The Rams are a win-right-now outfit, which has favoured making trades and acquisitions, while the Bengals have gone down the draft route. They're the youngest team to reach a Super Bowl and remain a work in progress, but one with huge potential.
The odds imply the Bengals have just under a 35% chance of pulling off an upset, despite accounting for opposition in the play-offs that has looked stronger than the Rams faced.

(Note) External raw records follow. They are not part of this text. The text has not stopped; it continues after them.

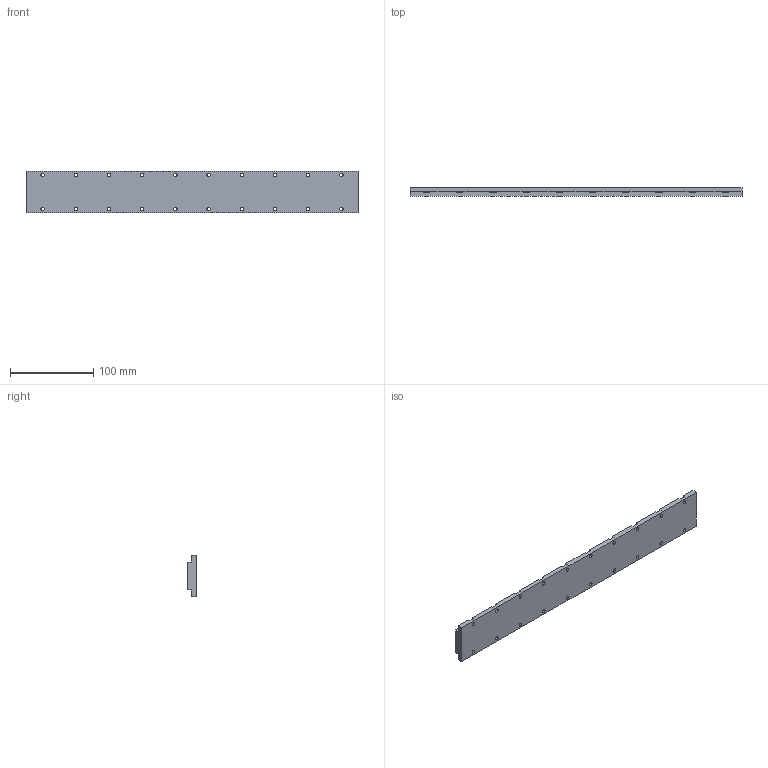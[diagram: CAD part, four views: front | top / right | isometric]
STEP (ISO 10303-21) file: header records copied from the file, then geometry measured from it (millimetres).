
FILE_DESCRIPTION (( 'STEP AP214' ), '1' );
FILE_NAME ('1-MJM030-L400.STEP', '2025-09-05T09:19:53', ( '' ), ( '' ), 'SwSTEP 2.0', 'SolidWorks 2016', '' );
FILE_SCHEMA (( 'AUTOMOTIVE_DESIGN' ));
Length unit declared in the file: millimetre
Products named in the file (1): 1-MJM030-L400
Bounding box: 400 x 10.3 x 50 mm (x, y, z)
Volume: 174052.7 mm3; surface area: 50158.3 mm2
Topology: 1 solids, 1 shells, 140 faces, 414 edges, 276 vertices
Faces by surface type: cylinder 70, plane 70
Entity records: 4832 total; most frequent: DIRECTION 836, CARTESIAN_POINT 831, ORIENTED_EDGE 828, EDGE_CURVE 414, AXIS2_PLACEMENT_3D 281, VERTEX_POINT 276, VECTOR 274, LINE 274

Underdogs have overperformed in recent Super Bowls, but one of the interesting features concern the handicap line, or what is referred to stateside as 'the spread'.
When the outsider covers the spread, they've generally won the game, while the favourites have often recorded blowout wins in their victories.
A repeat of either of those two distinct trends looks probable given concerns over the Bengals pass protection.
The Bengals can shade this one, but only if they've heeded the lessons from the win over the Titans.